Con siete kilómetros y medio sería suficiente, de hecho, mucho más que suficiente, porque en el momento en que me veo en la salida, no os engañaré, me siento un poco intimidado. A mi alrededor veo a mucho profesional: runners con brazaletes donde encajar el móvil, gafas de sol aerodinámicas y chorros de seguridad y entereza. Mientras que yo, que me he enfundado una camiseta de manga larga debajo de la oficial por si me entra frío después de la carrera, caigo en la cuenta de que ni siquiera tengo batería en los auriculares. Y para colmo, el imperdible del que cuelga mi dorsal está un poco flojo. Mal asunto, me digo.
Por no hablar del madrugón que me he pegado. Normalmente, tan solo madrugo en fin de semana si el plan lo merece. Qué sé yo, una torrá con los colegas, un viaje o, si me apuras, para limpiar la casa y que me quede mañana. Pero ¿para correr? Jamás madrugaría para correr. O eso pensaba, porque el pistoletazo de salida resuena en mis oídos y me saca de mi ensimismamiento. Allá que vamos.
He entrenado un poco. De hecho, la gente de mi entorno está sorprendida de mis tiempos (el otro día me casqué seis kilómetros a cinco minutos clavados). Corro rápido, vale, pero se me sale el pulmón por la boca desde el minuto dos. A partir de ahí, todo se basa en aguantar sin desfallecer. Y oye, el tiempo va pasando y poco a poco me olvido de los roncolas que me bebí la tarde anterior (totalmente prescindibles sabiendo que tenía una carrera un día después, pero, oye, merecidísimos). Me empiezo a fijar en la gente que anima a los corredores. Por un momento me parece que toda esta parafernalia no va conmigo, pero los ánimos y los vítores sientan la mar de bien, así que para el kilómetro tres, aunque extenuado, ya me siento como uno más. Me sorprendo a mí mismo dejando atrás a algunos corredores. Jamás he sido competitivo en el deporte porque para qué intentar hacer gala de tus carencias, pero ahora que ya vamos por el kilómetro cuatro, me invade un ardor de maratoniano vigoréxico que nunca había experimentado. Quizás es que me ha subido el café, que me lo he tomado en ayunas no hace más de tres cuartos de hora, pero no, esta sensación es diferente. ¡Y agradable!
Por desgracia, esa potencia de caballo desbocado me dura la distancia entre el kilómetro cuatro y el cinco.

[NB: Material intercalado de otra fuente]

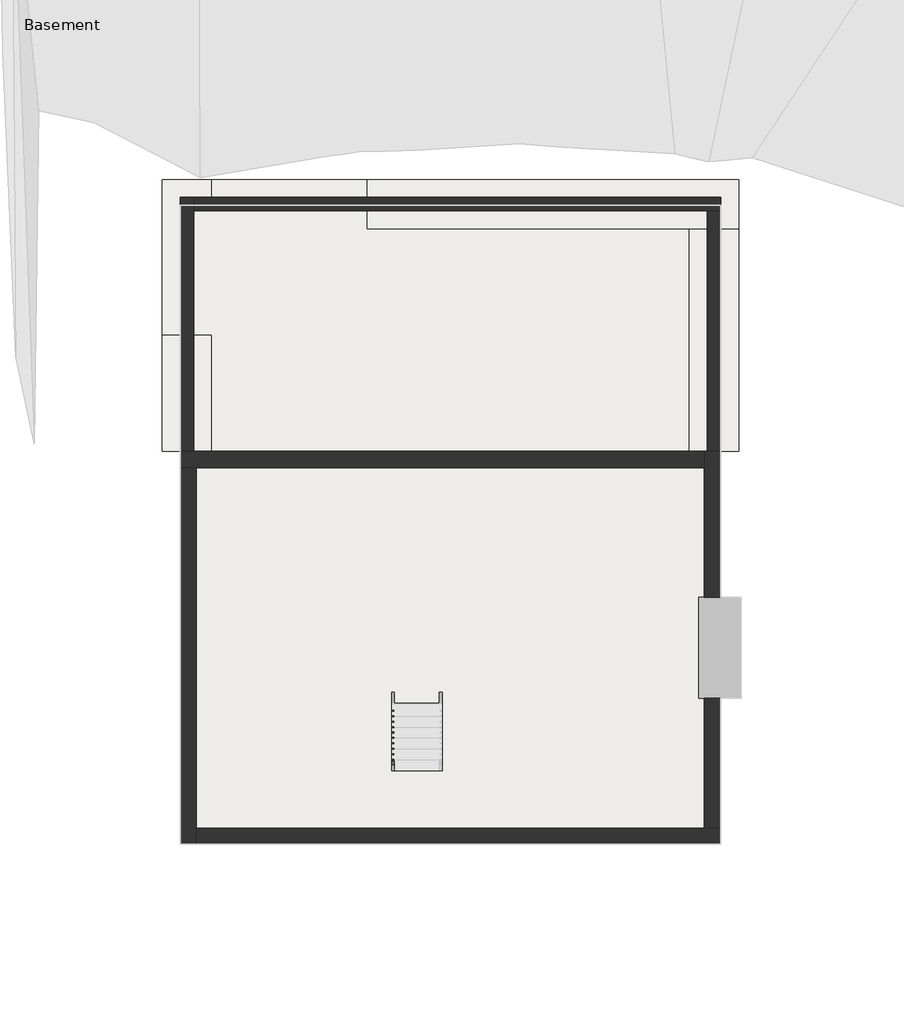
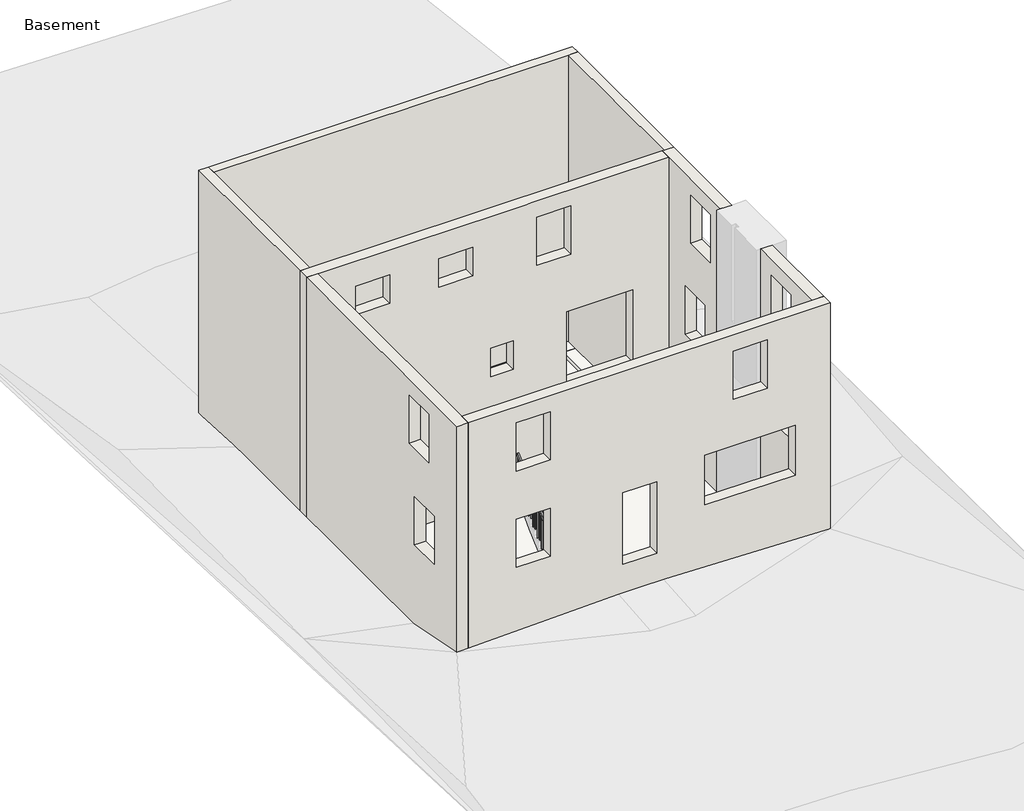
# One storey, part 1 of 2: 8 walls, 3 footings, 2 slabs, 1 railing.
"""IFC4 building model written with IfcOpenShell, lengths in millimetres."""

from ifc_helpers import new_model, si_unit, frame, origin, place, context, project, spatial, polyline, outline, extrude, faceted_brep, element, save

model = new_model("IFC4")

# Units and contexts
model_context = context("Model", 3, world=origin())
ifc_project = project(units=[si_unit("LENGTHUNIT", "METRE", prefix="MILLI")], contexts=[model_context])

# Site, building, storey
site = spatial("IfcSite", under=ifc_project)
building = spatial("IfcBuilding", under=site)
storey = spatial("IfcBuildingStorey", under=building, Name="Basement", Elevation=-2667.0)

# Footings
placement = place(None, origin())
element("IfcFooting", 1, ObjectType="Bearing Footing - 36\" x 12\"", at=placement, inside=storey, context=model_context, shape_type="Brep", body=[
    faceted_brep([(-5404.9803068, 3152.0888758, -2667.0), (-6319.3803068, 3152.0888758, -2667.0), (-6319.3803068, 3152.0888758, -2971.8), (-5404.9803068, 3152.0888758, -2971.8), (-6319.3803068, 5311.0888758, -2667.0), (-5404.9803068, 5311.0888758, -2667.0), (-5404.9803068, 5311.0888758, -2971.8), (-6319.3803068, 5311.0888758, -2971.8)], [[[0, 1, 2, 3]], [[4, 5, 6, 7]], [[0, 5, 4, 1]], [[2, 1, 4, 7]], [[3, 2, 7, 6]], [[0, 3, 6, 5]]]),
    faceted_brep([(-5404.9803068, 5311.0888758, -3124.2), (-6319.3803068, 5311.0888758, -3124.2), (-6319.3803068, 5311.0888758, -3429.0), (-5404.9803068, 5311.0888758, -3429.0), (-5404.9803068, 7292.2888758, -3124.2), (-5404.9803068, 8206.6888758, -3124.2), (-6319.3803068, 8206.6888758, -3124.2), (-6319.3803068, 8206.6888758, -3429.0), (-5404.9803068, 8206.6888758, -3429.0), (-5404.9803068, 7292.2888758, -3429.0)], [[[0, 1, 2, 3]], [[0, 4, 5, 6, 1]], [[2, 1, 6, 7]], [[3, 2, 7, 8, 9]], [[0, 3, 9, 8, 5, 4]], [[6, 5, 8, 7]]]),
])
element("IfcFooting", 2, ObjectType="Bearing Footing - 36\" x 12\"", at=placement, inside=storey, context=model_context, shape_type="Brep", body=[
    faceted_brep([(-2509.3803068, 8206.6888758, -3429.0), (-2509.3803068, 8206.6888758, -3124.2), (-2509.3803068, 7292.2888758, -3124.2), (-2509.3803068, 7292.2888758, -3429.0), (-5404.9803068, 8206.6888758, -3124.2), (-5404.9803068, 7292.2888758, -3124.2), (-5404.9803068, 8206.6888758, -3429.0), (-5404.9803068, 7292.2888758, -3429.0)], [[[0, 1, 2, 3]], [[2, 1, 4, 5]], [[1, 0, 6, 4]], [[0, 3, 7, 6]], [[3, 2, 5, 7]], [[5, 4, 6, 7]]]),
    faceted_brep([(-2509.3803068, 8206.6888758, -2667.0), (-2509.3803068, 8206.6888758, -2971.8), (-2509.3803068, 7292.2888758, -2971.8), (-2509.3803068, 7292.2888758, -2667.0), (4399.4196932, 8206.6888758, -2667.0), (3485.0196932, 7292.2888758, -2667.0), (4399.4196932, 7292.2888758, -2667.0), (4399.4196932, 8206.6888758, -2971.8), (4399.4196932, 7292.2888758, -2971.8), (3485.0196932, 7292.2888758, -2971.8)], [[[0, 1, 2, 3]], [[4, 0, 3, 5, 6]], [[1, 0, 4, 7]], [[2, 1, 7, 8, 9]], [[3, 2, 9, 8, 6, 5]], [[4, 6, 8, 7]]]),
])
element("IfcFooting", 3, ObjectType="Bearing Footing - 36\" x 12\"", at=placement, inside=storey, context=model_context, shape_type="SweptSolid", body=[
    extrude(outline(polyline([(4399.4196932, 3152.0888758), (3485.0196932, 3152.0888758), (3485.0196932, 7292.2888758), (4399.4196932, 7292.2888758), (4399.4196932, 3152.0888758)])), frame((0.0, 0.0, -2971.8), z_axis=(0.0, 0.0, 1.0), x_axis=(1.0, 0.0, 0.0)), (0.0, 0.0, 1.0), 304.8),
])

# Railing
element("IfcRailing", 4, ObjectType="Handrail - Rectangular", at=placement, inside=storey, context=model_context, shape_type="SweptSolid", body=[
    extrude(outline(polyline([(-2791.5111242, -1631.7331862), (-2791.5111242, -1562.1), (-149.9111242, 914.4), (-149.9111242, 844.7668138), (-2791.5111242, -1631.7331862)])), frame((-2052.1803068, 0.0, 0.0), z_axis=(1.0, 0.0, 0.0), x_axis=(0.0, 1.0, 0.0)), (0.0, 0.0, 1.0), 50.8),
    extrude(outline(polyline([(-241.9861242, 758.4465013), (-241.9861242, -190.5), (-261.0361242, -190.5), (-261.0361242, 740.5871263), (-241.9861242, 758.4465013)])), frame((-2036.3053068, 0.0, 0.0), z_axis=(1.0, 0.0, 0.0), x_axis=(0.0, 1.0, 0.0)), (0.0, 0.0, 1.0), 19.05),
    extrude(outline(polyline([(-343.5861242, 663.1965013), (-343.5861242, -190.5), (-362.6361242, -190.5), (-362.6361242, 645.3371263), (-343.5861242, 663.1965013)])), frame((-2036.3053068, 0.0, 0.0), z_axis=(1.0, 0.0, 0.0), x_axis=(0.0, 1.0, 0.0)), (0.0, 0.0, 1.0), 19.05),
    extrude(outline(polyline([(-445.1861242, 567.9465013), (-445.1861242, -381.0), (-464.2361242, -381.0), (-464.2361242, 550.0871263), (-445.1861242, 567.9465013)])), frame((-2036.3053068, 0.0, 0.0), z_axis=(1.0, 0.0, 0.0), x_axis=(0.0, 1.0, 0.0)), (0.0, 0.0, 1.0), 19.05),
    extrude(outline(polyline([(-546.7861242, 472.6965013), (-546.7861242, -381.0), (-565.8361242, -381.0), (-565.8361242, 454.8371263), (-546.7861242, 472.6965013)])), frame((-2036.3053068, 0.0, 0.0), z_axis=(1.0, 0.0, 0.0), x_axis=(0.0, 1.0, 0.0)), (0.0, 0.0, 1.0), 19.05),
    extrude(outline(polyline([(-648.3861242, 377.4465013), (-648.3861242, -571.5), (-667.4361242, -571.5), (-667.4361242, 359.5871263), (-648.3861242, 377.4465013)])), frame((-2036.3053068, 0.0, 0.0), z_axis=(1.0, 0.0, 0.0), x_axis=(0.0, 1.0, 0.0)), (0.0, 0.0, 1.0), 19.05),
    extrude(outline(polyline([(-749.9861242, 282.1965013), (-749.9861242, -571.5), (-769.0361242, -571.5), (-769.0361242, 264.3371263), (-749.9861242, 282.1965013)])), frame((-2036.3053068, 0.0, 0.0), z_axis=(1.0, 0.0, 0.0), x_axis=(0.0, 1.0, 0.0)), (0.0, 0.0, 1.0), 19.05),
    extrude(outline(polyline([(-851.5861242, 186.9465013), (-851.5861242, -762.0), (-870.6361242, -762.0), (-870.6361242, 169.0871263), (-851.5861242, 186.9465013)])), frame((-2036.3053068, 0.0, 0.0), z_axis=(1.0, 0.0, 0.0), x_axis=(0.0, 1.0, 0.0)), (0.0, 0.0, 1.0), 19.05),
    extrude(outline(polyline([(-953.1861242, 91.6965013), (-953.1861242, -762.0), (-972.2361242, -762.0), (-972.2361242, 73.8371263), (-953.1861242, 91.6965013)])), frame((-2036.3053068, 0.0, 0.0), z_axis=(1.0, 0.0, 0.0), x_axis=(0.0, 1.0, 0.0)), (0.0, 0.0, 1.0), 19.05),
    extrude(outline(polyline([(-1054.7861242, -3.5534987), (-1054.7861242, -952.5), (-1073.8361242, -952.5), (-1073.8361242, -21.4128737), (-1054.7861242, -3.5534987)])), frame((-2036.3053068, 0.0, 0.0), z_axis=(1.0, 0.0, 0.0), x_axis=(0.0, 1.0, 0.0)), (0.0, 0.0, 1.0), 19.05),
    extrude(outline(polyline([(-1156.3861242, -98.8034987), (-1156.3861242, -952.5), (-1175.4361242, -952.5), (-1175.4361242, -116.6628737), (-1156.3861242, -98.8034987)])), frame((-2036.3053068, 0.0, 0.0), z_axis=(1.0, 0.0, 0.0), x_axis=(0.0, 1.0, 0.0)), (0.0, 0.0, 1.0), 19.05),
    extrude(outline(polyline([(-1257.9861242, -194.0534987), (-1257.9861242, -1143.0), (-1277.0361242, -1143.0), (-1277.0361242, -211.9128737), (-1257.9861242, -194.0534987)])), frame((-2036.3053068, 0.0, 0.0), z_axis=(1.0, 0.0, 0.0), x_axis=(0.0, 1.0, 0.0)), (0.0, 0.0, 1.0), 19.05),
    extrude(outline(polyline([(-1359.5861242, -289.3034987), (-1359.5861242, -1143.0), (-1378.6361242, -1143.0), (-1378.6361242, -307.1628737), (-1359.5861242, -289.3034987)])), frame((-2036.3053068, 0.0, 0.0), z_axis=(1.0, 0.0, 0.0), x_axis=(0.0, 1.0, 0.0)), (0.0, 0.0, 1.0), 19.05),
    extrude(outline(polyline([(-1461.1861242, -384.5534987), (-1461.1861242, -1333.5), (-1480.2361242, -1333.5), (-1480.2361242, -402.4128737), (-1461.1861242, -384.5534987)])), frame((-2036.3053068, 0.0, 0.0), z_axis=(1.0, 0.0, 0.0), x_axis=(0.0, 1.0, 0.0)), (0.0, 0.0, 1.0), 19.05),
    extrude(outline(polyline([(-1562.7861242, -479.8034987), (-1562.7861242, -1333.5), (-1581.8361242, -1333.5), (-1581.8361242, -497.6628737), (-1562.7861242, -479.8034987)])), frame((-2036.3053068, 0.0, 0.0), z_axis=(1.0, 0.0, 0.0), x_axis=(0.0, 1.0, 0.0)), (0.0, 0.0, 1.0), 19.05),
    extrude(outline(polyline([(-1664.3861242, -575.0534987), (-1664.3861242, -1524.0), (-1683.4361242, -1524.0), (-1683.4361242, -592.9128737), (-1664.3861242, -575.0534987)])), frame((-2036.3053068, 0.0, 0.0), z_axis=(1.0, 0.0, 0.0), x_axis=(0.0, 1.0, 0.0)), (0.0, 0.0, 1.0), 19.05),
    extrude(outline(polyline([(-1765.9861242, -670.3034987), (-1765.9861242, -1524.0), (-1785.0361242, -1524.0), (-1785.0361242, -688.1628737), (-1765.9861242, -670.3034987)])), frame((-2036.3053068, 0.0, 0.0), z_axis=(1.0, 0.0, 0.0), x_axis=(0.0, 1.0, 0.0)), (0.0, 0.0, 1.0), 19.05),
    extrude(outline(polyline([(-1867.5861242, -765.5534987), (-1867.5861242, -1714.5), (-1886.6361242, -1714.5), (-1886.6361242, -783.4128737), (-1867.5861242, -765.5534987)])), frame((-2036.3053068, 0.0, 0.0), z_axis=(1.0, 0.0, 0.0), x_axis=(0.0, 1.0, 0.0)), (0.0, 0.0, 1.0), 19.05),
    extrude(outline(polyline([(-1969.1861242, -860.8034987), (-1969.1861242, -1714.5), (-1988.2361242, -1714.5), (-1988.2361242, -878.6628737), (-1969.1861242, -860.8034987)])), frame((-2036.3053068, 0.0, 0.0), z_axis=(1.0, 0.0, 0.0), x_axis=(0.0, 1.0, 0.0)), (0.0, 0.0, 1.0), 19.05),
    extrude(outline(polyline([(-2070.7861242, -956.0534987), (-2070.7861242, -1905.0), (-2089.8361242, -1905.0), (-2089.8361242, -973.9128737), (-2070.7861242, -956.0534987)])), frame((-2036.3053068, 0.0, 0.0), z_axis=(1.0, 0.0, 0.0), x_axis=(0.0, 1.0, 0.0)), (0.0, 0.0, 1.0), 19.05),
    extrude(outline(polyline([(-2172.3861242, -1051.3034987), (-2172.3861242, -1905.0), (-2191.4361242, -1905.0), (-2191.4361242, -1069.1628737), (-2172.3861242, -1051.3034987)])), frame((-2036.3053068, 0.0, 0.0), z_axis=(1.0, 0.0, 0.0), x_axis=(0.0, 1.0, 0.0)), (0.0, 0.0, 1.0), 19.05),
    extrude(outline(polyline([(-2273.9861242, -1146.5534987), (-2273.9861242, -2095.5), (-2293.0361242, -2095.5), (-2293.0361242, -1164.4128737), (-2273.9861242, -1146.5534987)])), frame((-2036.3053068, 0.0, 0.0), z_axis=(1.0, 0.0, 0.0), x_axis=(0.0, 1.0, 0.0)), (0.0, 0.0, 1.0), 19.05),
    extrude(outline(polyline([(-2375.5861242, -1241.8034987), (-2375.5861242, -2095.5), (-2394.6361242, -2095.5), (-2394.6361242, -1259.6628737), (-2375.5861242, -1241.8034987)])), frame((-2036.3053068, 0.0, 0.0), z_axis=(1.0, 0.0, 0.0), x_axis=(0.0, 1.0, 0.0)), (0.0, 0.0, 1.0), 19.05),
    extrude(outline(polyline([(-2477.1861242, -1337.0534987), (-2477.1861242, -2286.0), (-2496.2361242, -2286.0), (-2496.2361242, -1354.9128737), (-2477.1861242, -1337.0534987)])), frame((-2036.3053068, 0.0, 0.0), z_axis=(1.0, 0.0, 0.0), x_axis=(0.0, 1.0, 0.0)), (0.0, 0.0, 1.0), 19.05),
    extrude(outline(polyline([(-2578.7861242, -1432.3034987), (-2578.7861242, -2286.0), (-2597.8361242, -2286.0), (-2597.8361242, -1450.1628737), (-2578.7861242, -1432.3034987)])), frame((-2036.3053068, 0.0, 0.0), z_axis=(1.0, 0.0, 0.0), x_axis=(0.0, 1.0, 0.0)), (0.0, 0.0, 1.0), 19.05),
    extrude(outline(polyline([(-2680.3861242, -1527.5534987), (-2680.3861242, -2476.5), (-2699.4361242, -2476.5), (-2699.4361242, -1545.4128737), (-2680.3861242, -1527.5534987)])), frame((-2036.3053068, 0.0, 0.0), z_axis=(1.0, 0.0, 0.0), x_axis=(0.0, 1.0, 0.0)), (0.0, 0.0, 1.0), 19.05),
    extrude(outline(polyline([(-149.9111242, 844.7668138), (-149.9111242, -190.5), (-168.9611242, -190.5), (-168.9611242, 826.9074388), (-149.9111242, 844.7668138)])), frame((-2036.3053068, 0.0, 0.0), z_axis=(1.0, 0.0, 0.0), x_axis=(0.0, 1.0, 0.0)), (0.0, 0.0, 1.0), 19.05),
    extrude(outline(polyline([(-2772.4611242, -1613.8738112), (-2772.4611242, -2476.5), (-2791.5111242, -2476.5), (-2791.5111242, -1631.7331862), (-2772.4611242, -1613.8738112)])), frame((-2036.3053068, 0.0, 0.0), z_axis=(1.0, 0.0, 0.0), x_axis=(0.0, 1.0, 0.0)), (0.0, 0.0, 1.0), 19.05),
])

# Slabs
element("IfcSlab", 5, ObjectType="Pad 1", at=placement, inside=storey, context=model_context, shape_type="SweptSolid", body=[
    extrude(outline(polyline([(4069.2196932, 434.2888758), (4450.2196932, 434.2888758), (4450.2196932, -1445.3111242), (4069.2196932, -1445.3111242), (4069.2196932, -4163.1111242), (-5989.1803068, -4163.1111242), (-5989.1803068, 3152.0888758), (4069.2196932, 3152.0888758), (4069.2196932, 434.2888758)])), frame((0.0, 0.0, -3073.4), z_axis=(0.0, 0.0, 1.0), x_axis=(1.0, 0.0, 0.0)), (0.0, 0.0, 1.0), 304.8),
])
element("IfcSlab", 6, ObjectType="Pad 1", at=placement, inside=storey, context=model_context, shape_type="SweptSolid", body=[
    extrude(outline(polyline([(-5989.1803068, 7724.0888758), (4069.2196932, 7724.0888758), (4069.2196932, 3152.0888758), (-5989.1803068, 3152.0888758), (-5989.1803068, 7724.0888758)])), frame((0.0, 0.0, -3073.4), z_axis=(0.0, 0.0, 1.0), x_axis=(1.0, 0.0, 0.0)), (0.0, 0.0, 1.0), 304.8),
])

# Walls
element("IfcWall", 7, ObjectType="Generic - 10\"", at=placement, inside=storey, context=model_context, shape_type="Brep", body=[
    faceted_brep([(-5735.1803068, 3152.0888758, -2667.0), (-5735.1803068, 5311.0888758, -2667.0), (-5735.1803068, 5311.0888758, -3124.2), (-5735.1803068, 7622.4888758, -3124.2), (-5735.1803068, 7876.4888758, -3124.2), (-5735.1803068, 7876.4888758, 5486.4), (-5735.1803068, 7622.4888758, 5486.4), (-5735.1803068, 3152.0888758, 5486.4), (-5989.1803068, 3152.0888758, -2667.0), (-5989.1803068, 3152.0888758, 5486.4), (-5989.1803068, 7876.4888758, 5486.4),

A partir de ahí vuelve la asfixia, el sofoco, el desaliento. Quedan dos y medio y me sobran tres, pero no puedo parar. No por nada, sino porque me he comprometido a escribir esto, así que tengo que acabar por narices.
El temido flato se instala en mis cavidades. ¡Dios mío! Como esto no se acabe ya, voy a tener que parar, me lamento. Alguien se apiada de mí y me ofrece una botella de agua que me bebo con avidez. Y de pronto, ahí al fondo, atisbo la ansiada meta. ¡Lo voy a conseguir! Estrujo la poca energía que me queda y me marco un esprint final, en plan vacilón. Dejo de correr, respiro, sonrío y, como una representación perfecta de mi vida deportiva, se me sube el gemelo y aúllo de dolor. ¿Volverás a correr una de estas carreras?, me pregunta alguien un rato después. ¡Ni pensarlo!, respondo rotundo.